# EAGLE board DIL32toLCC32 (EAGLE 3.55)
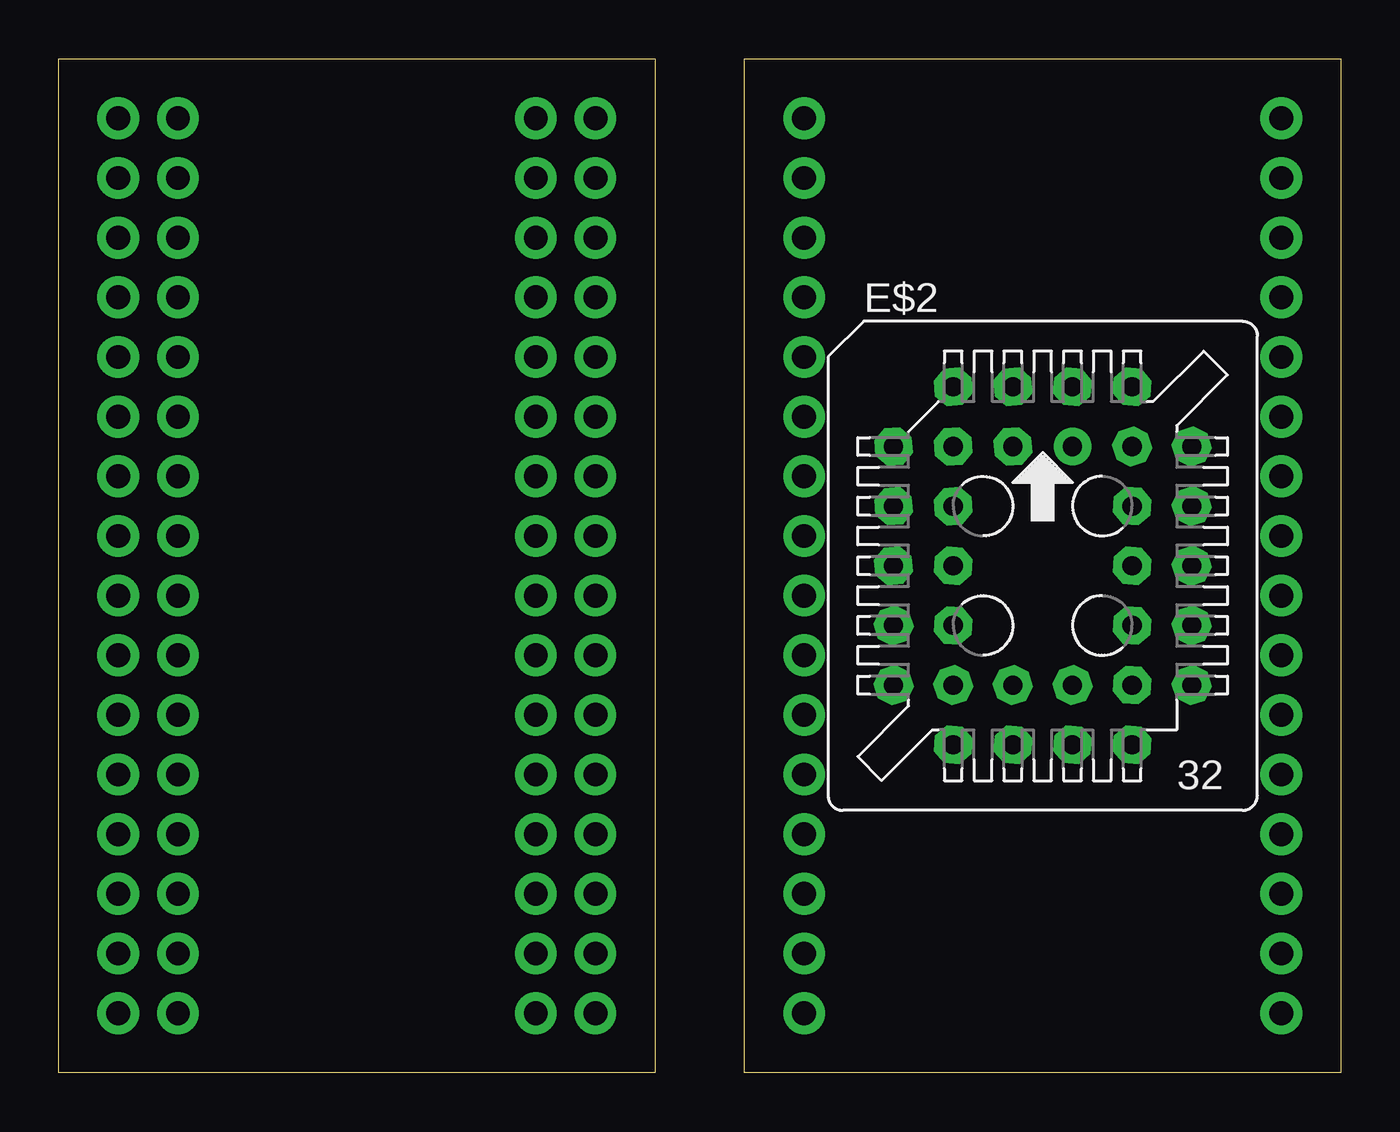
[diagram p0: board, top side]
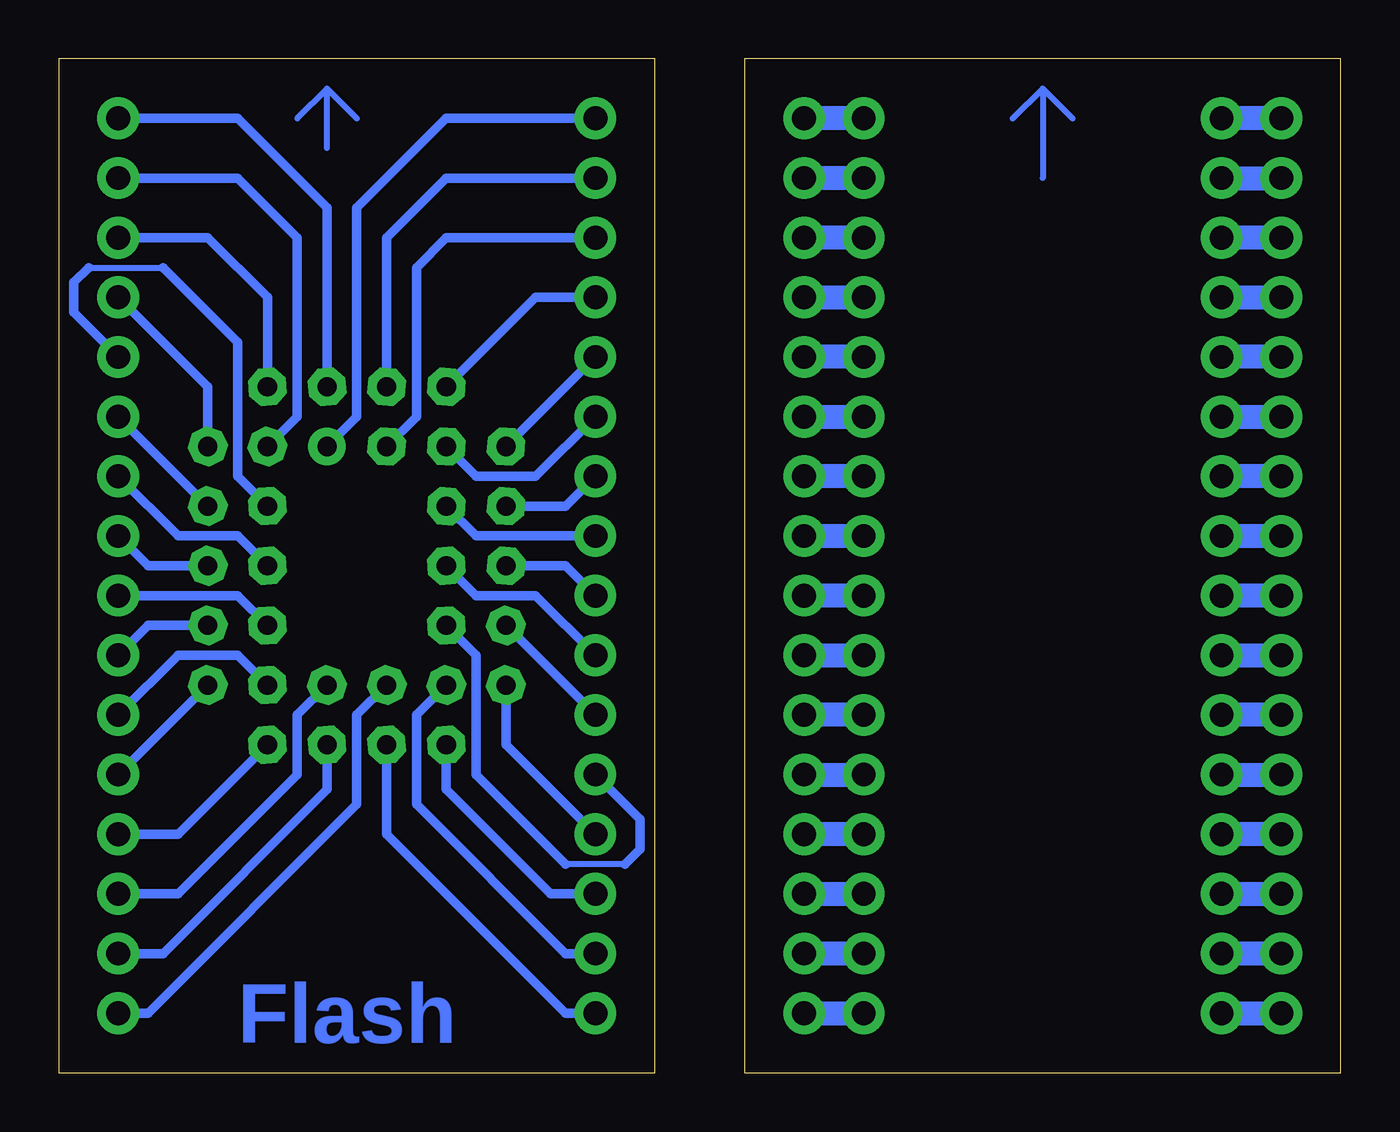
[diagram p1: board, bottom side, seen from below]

Size 54.61 x 43.18 mm. Coordinates in mm from the lower left corner, seen from the top.
Outline: 25.4,43.18 25.4,0 0,0 0,43.18 25.4,43.18
Outline: 29.21,43.18 54.61,43.18 54.61,0 29.21,0 29.21,43.18
Copper layers used: Bottom

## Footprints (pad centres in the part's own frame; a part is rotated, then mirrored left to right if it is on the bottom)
AD10 = drill 1.016 pad 1.778 round:  0,0
2 = drill 0.813 pad 1.6 round:  1.27,5.08 | drill 0.813 pad 1.6 octagon:  -1.27,7.62;  -1.27,5.08;  -3.81,7.62;  -6.35,5.08;  -3.81,5.08;  -6.35,2.54;  -3.81,2.54;  -6.35,0;  -3.81,0;  -6.35,-2.54;  -3.81,-2.54;  -6.35,-5.08;  -3.81,-7.62;  -3.81,-5.08;  -1.27,-7.62;  -1.27,-5.08;  1.27,-7.62;  1.27,-5.08;  3.81,-7.62;  6.35,-5.08;  3.81,-5.08;  6.35,-2.54;  3.81,-2.54;  6.35,0;  3.81,0;  6.35,2.54;  3.81,2.54;  6.35,5.08;  3.81,7.62;  3.81,5.08;  1.27,7.62

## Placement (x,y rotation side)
E$1  [AD10]  31.75,40.64 0 top
E$2  [2]  41.91,21.59 0 top
E$3  [AD10]  2.54,40.64 0 top
E$4  [AD10]  2.54,38.1 0 top
E$5  [AD10]  2.54,35.56 0 top
E$6  [AD10]  2.54,33.02 0 top
E$7  [AD10]  2.54,30.48 0 top
E$8  [AD10]  2.54,27.94 0 top
E$9  [AD10]  2.54,25.4 0 top
E$10  [AD10]  2.54,22.86 0 top
E$11  [AD10]  2.54,20.32 0 top
E$12  [AD10]  2.54,17.78 0 top
E$13  [AD10]  2.54,15.24 0 top
E$14  [AD10]  2.54,12.7 0 top
E$15  [AD10]  2.54,10.16 0 top
E$16  [AD10]  2.54,7.62 0 top
E$17  [AD10]  2.54,5.08 0 top
E$18  [AD10]  2.54,2.54 0 top
E$19  [AD10]  22.86,40.64 0 top
E$20  [AD10]  22.86,38.1 0 top
E$21  [AD10]  22.86,35.56 0 top
E$22  [AD10]  22.86,33.02 0 top
E$23  [AD10]  22.86,30.48 0 top
E$24  [AD10]  22.86,27.94 0 top
E$25  [AD10]  22.86,25.4 0 top
E$26  [AD10]  22.86,22.86 0 top
E$27  [AD10]  22.86,20.32 0 top
E$28  [AD10]  22.86,17.78 0 top
E$29  [AD10]  22.86,15.24 0 top
E$30  [AD10]  22.86,12.7 0 top
E$31  [AD10]  22.86,10.16 0 top
E$32  [AD10]  22.86,7.62 0 top
E$33  [AD10]  22.86,5.08 0 top
E$34  [AD10]  22.86,2.54 0 top
E$35  [AD10]  5.08,40.64 0 top
E$36  [AD10]  5.08,38.1 0 top
E$37  [AD10]  5.08,35.56 0 top
E$38  [AD10]  5.08,33.02 0 top
E$39  [AD10]  5.08,30.48 0 top
E$40  [AD10]  5.08,27.94 0 top
E$41  [AD10]  5.08,25.4 0 top
E$42  [AD10]  5.08,22.86 0 top
E$43  [AD10]  5.08,20.32 0 top
E$44  [AD10]  5.08,17.78 0 top
E$45  [AD10]  5.08,15.24 0 top
E$46  [AD10]  5.08,12.7 0 top
E$47  [AD10]  5.08,10.16 0 top
E$48  [AD10]  5.08,7.62 0 top
E$49  [AD10]  5.08,5.08 0 top
E$50  [AD10]  5.08,2.54 0 top
E$51  [AD10]  20.32,40.64 0 top
E$52  [AD10]  20.32,38.1 0 top
E$53  [AD10]  20.32,35.56 0 top
E$54  [AD10]  20.32,33.02 0 top
E$55  [AD10]  20.32,30.48 0 top
E$56  [AD10]  20.32,27.94 0 top
E$57  [AD10]  20.32,25.4 0 top
E$58  [AD10]  20.32,22.86 0 top
E$59  [AD10]  20.32,20.32 0 top
E$60  [AD10]  20.32,17.78 0 top
E$61  [AD10]  20.32,15.24 0 top
E$62  [AD10]  20.32,12.7 0 top
E$63  [AD10]  20.32,10.16 0 top
E$64  [AD10]  20.32,7.62 0 top
E$65  [AD10]  20.32,5.08 0 top
E$66  [AD10]  20.32,2.54 0 top
E$67  [AD10]  31.75,38.1 0 top
E$68  [AD10]  31.75,35.56 0 top
E$69  [AD10]  31.75,33.02 0 top
E$70  [AD10]  31.75,30.48 0 top
E$71  [AD10]  31.75,27.94 0 top
E$72  [AD10]  31.75,25.4 0 top
E$73  [AD10]  31.75,22.86 0 top
E$74  [AD10]  31.75,20.32 0 top
E$75  [AD10]  31.75,17.78 0 top
E$76  [AD10]  31.75,15.24 0 top
E$77  [AD10]  31.75,12.7 0 top
E$78  [AD10]  31.75,10.16 0 top
E$79  [AD10]  31.75,7.62 0 top
E$80  [AD10]  31.75,5.08 0 top
E$81  [AD10]  31.75,2.54 0 top
E$82  [AD10]  52.07,40.64 0 top
E$83  [AD10]  52.07,38.1 0 top
E$84  [AD10]  52.07,35.56 0 top
E$85  [AD10]  52.07,33.02 0 top
E$86  [AD10]  52.07,30.48 0 top
E$87  [AD10]  52.07,27.94 0 top
E$88  [AD10]  52.07,25.4 0 top
E$89  [AD10]  52.07,22.86 0 top
E$90  [AD10]  52.07,20.32 0 top
E$91  [AD10]  52.07,17.78 0 top
E$92  [AD10]  52.07,15.24 0 top
E$93  [AD10]  52.07,12.7 0 top
E$94  [AD10]  52.07,10.16 0 top
E$95  [AD10]  52.07,7.62 0 top
E$96  [AD10]  52.07,5.08 0 top
E$97  [AD10]  52.07,2.54 0 top

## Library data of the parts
E$1 E$3-E$97 = holgnorm
E$2 = plccpack

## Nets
S$1: E$3. E$35.
S$2: E$4. E$36.
S$3: E$5. E$37.
S$4: E$6. E$38.
S$5: E$7. E$39.
S$6: E$8. E$40.
S$7: E$9. E$41.
S$8: E$10. E$42.
S$9: E$11. E$43.
S$10: E$12. E$44.
S$11: E$13. E$45.
S$12: E$14. E$46.
S$13: E$15. E$47.
S$14: E$16. E$48.
S$15: E$17. E$49.
S$16: E$18. E$50.
S$17: E$19. E$51.
S$18: E$20. E$52.
S$19: E$21. E$53.
S$20: E$22. E$54.
S$21: E$23. E$55.
S$22: E$24. E$56.
S$23: E$25. E$57.
S$24: E$26. E$58.
S$25: E$27. E$59.
S$26: E$28. E$60.
S$27: E$29. E$61.
S$28: E$30. E$62.
S$29: E$31. E$63.
S$30: E$32. E$64.
S$31: E$33. E$65.
S$32: E$34. E$66.
S$33: E$1. E$2.
S$34: E$2. E$67.
S$35: E$2. E$68.
S$36: E$2. E$69.
S$37: E$2. E$70.
S$38: E$2. E$71.
S$39: E$2. E$72.
S$40: E$2. E$73.
S$41: E$2. E$74.
S$42: E$2. E$75.
S$43: E$2. E$76.
S$44: E$2. E$77.
S$45: E$2. E$78.
S$46: E$2. E$79.
S$47: E$2. E$80.
S$48: E$2. E$81.
S$49: E$2. E$97.
S$50: E$2. E$96.
S$51: E$2. E$95.
S$52: E$2. E$94.
S$53: E$2. E$93.
S$54: E$2. E$92.
S$55: E$2. E$91.
S$56: E$2. E$90.
S$57: E$2. E$89.
S$58: E$2. E$88.
S$59: E$2. E$87.
S$60: E$2. E$86.
S$61: E$2. E$85.
S$62: E$2. E$84.
S$63: E$2. E$83.
S$64: E$2. E$82.

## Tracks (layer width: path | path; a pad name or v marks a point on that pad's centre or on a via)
S$1
  Bottom 1.016: E$3. E$35.
S$2
  Bottom 1.016: E$36. E$4.
S$3
  Bottom 1.016: E$5. E$37.
S$4
  Bottom 1.016: E$38. E$6.
S$5
  Bottom 1.016: E$7. E$39.
S$6
  Bottom 1.016: E$40. E$8.
S$7
  Bottom 1.016: E$9. E$41.
S$8
  Bottom 1.016: E$42. E$10.
S$9
  Bottom 1.016: E$11. E$43.
S$10
  Bottom 1.016: E$44. E$12.
S$11
  Bottom 1.016: E$13. E$45.
S$12
  Bottom 1.016: E$46. E$14.
S$13
  Bottom 1.016: E$15. E$47.
S$14
  Bottom 1.016: E$48. E$16.
S$15
  Bottom 1.016: E$17. E$49.
S$16
  Bottom 1.016: E$50. E$18.
S$17
  Bottom 1.016: E$51. E$19.
S$18
  Bottom 1.016: E$52. E$20.
S$19
  Bottom 1.016: E$53. E$21.
S$20
  Bottom 1.016: E$22. E$54.
S$21
  Bottom 1.016: E$55. E$23.
S$22
  Bottom 1.016: E$24. E$56.
S$23
  Bottom 1.016: E$57. E$25.
S$24
  Bottom 1.016: E$26. E$58.
S$25
  Bottom 1.016: E$59. E$27.
S$26
  Bottom 1.016: E$28. E$60.
S$27
  Bottom 1.016: E$61. E$29.
S$28
  Bottom 1.016: E$30. E$62.
S$29
  Bottom 1.016: E$63. E$31.
S$30
  Bottom 1.016: E$32. E$64.
S$31
  Bottom 1.016: E$65. E$33.
S$32
  Bottom 1.016: E$34. E$66.
S$33
  Bottom 0.406: 43.18,26.67 41.91,27.94 41.91,36.83 38.1,40.64 E$1.
S$34
  Bottom 0.406: E$67. 38.1,38.1 40.64,35.56 40.64,29.21
S$35
  Bottom 0.406: E$68. 38.1,35.56 39.37,34.29 39.37,27.94 40.64,26.67
S$36
  Bottom 0.406: E$69. 34.29,33.02 38.1,29.21
S$37
  Bottom 0.406: E$70. 35.56,26.67
S$38
  Bottom 0.406: E$71. 34.29,25.4 36.83,25.4 38.1,26.67
S$39
  Bottom 0.406: E$72. 33.02,24.13 35.56,24.13
S$40
  Bottom 0.406: E$73. 36.83,22.86 38.1,24.13
S$41
  Bottom 0.406: E$74. 33.02,21.59 35.56,21.59
S$42
  Bottom 0.406: E$75. 34.29,20.32 36.83,20.32 38.1,21.59
S$43
  Bottom 0.406: E$76. 35.56,19.05
S$44
  Bottom 0.254: 30.48,8.89 33.02,8.89
  Bottom 0.406: E$77. 29.84,10.79 29.84,9.53 30.48,8.89 | 33.02,8.89 36.83,12.7 36.83,17.78 38.1,19.05
S$45
  Bottom 0.406: E$78. 35.56,13.97 35.56,16.51
S$46
  Bottom 0.406: E$79. 33.65,7.62 38.1,12.07 38.1,13.97
S$47
  Bottom 0.406: E$80. 33.02,5.08 39.37,11.43 39.37,15.24 38.1,16.51
S$48
  Bottom 0.406: E$81. 33.02,2.54 40.64,10.16 40.64,13.97
S$49
  Bottom 0.406: E$97. 50.8,2.54 41.91,11.43 41.91,15.24 40.64,16.51
S$50
  Bottom 0.406: E$96. 50.16,5.08 43.18,12.07 43.18,13.97
S$51
  Bottom 0.406: E$95. 49.53,7.62 44.45,12.7 44.45,15.24 43.18,16.51
S$52
  Bottom 0.406: E$94. 49.53,10.16 45.72,13.97
S$53
  Bottom 0.406: E$93. 48.26,16.51
S$54
  Bottom 0.406: 45.72,16.51 46.99,17.78 49.53,17.78 E$92.
S$55
  Bottom 0.406: E$91. 50.8,19.05 48.26,19.05
S$56
  Bottom 0.406: E$90. 46.99,20.32 45.72,19.05
S$57
  Bottom 0.406: E$89. 50.8,21.59 48.26,21.59
S$58
  Bottom 0.406: E$88. 49.53,22.86 46.99,22.86 45.72,21.59
S$59
  Bottom 0.406: E$87. 48.26,24.13
S$60
  Bottom 0.254: 53.34,34.29 50.16,34.29
  Bottom 0.406: E$86. 53.97,32.38 53.97,33.65 53.34,34.29 | 50.16,34.29 46.99,31.11 46.99,25.4 45.72,24.13
S$61
  Bottom 0.406: E$85. 48.26,29.21 48.26,26.67
S$62
  Bottom 0.406: E$84. 48.26,35.56 45.72,33.02 45.72,29.21
S$63
  Bottom 0.406: E$83. 46.99,38.1 44.45,35.56 44.45,27.94 45.72,26.67
S$64
  Bottom 0.406: E$2. 43.18,36.83 46.99,40.64 E$82.
S$65
  Bottom 0.254: 43.18,39.37 43.18,41.91 | 43.18,41.91 41.91,40.64 | 43.18,41.91 44.45,40.64
S$66
  Bottom 0.254: 12.7,41.91 12.7,38.1 | 12.7,41.91 11.43,40.64 | 12.7,41.91 13.97,40.64

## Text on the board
Bottom: Flash

---------------

## Work task
In your answer, include only the lines above starting at the line that holds "52.07,35.56 0 top" and ending at the line that holds "52.07,17.78 0 top", copied exactly.

## Solution to this task
E$84  [AD10]  52.07,35.56 0 top
E$85  [AD10]  52.07,33.02 0 top
E$86  [AD10]  52.07,30.48 0 top
E$87  [AD10]  52.07,27.94 0 top
E$88  [AD10]  52.07,25.4 0 top
E$89  [AD10]  52.07,22.86 0 top
E$90  [AD10]  52.07,20.32 0 top
E$91  [AD10]  52.07,17.78 0 top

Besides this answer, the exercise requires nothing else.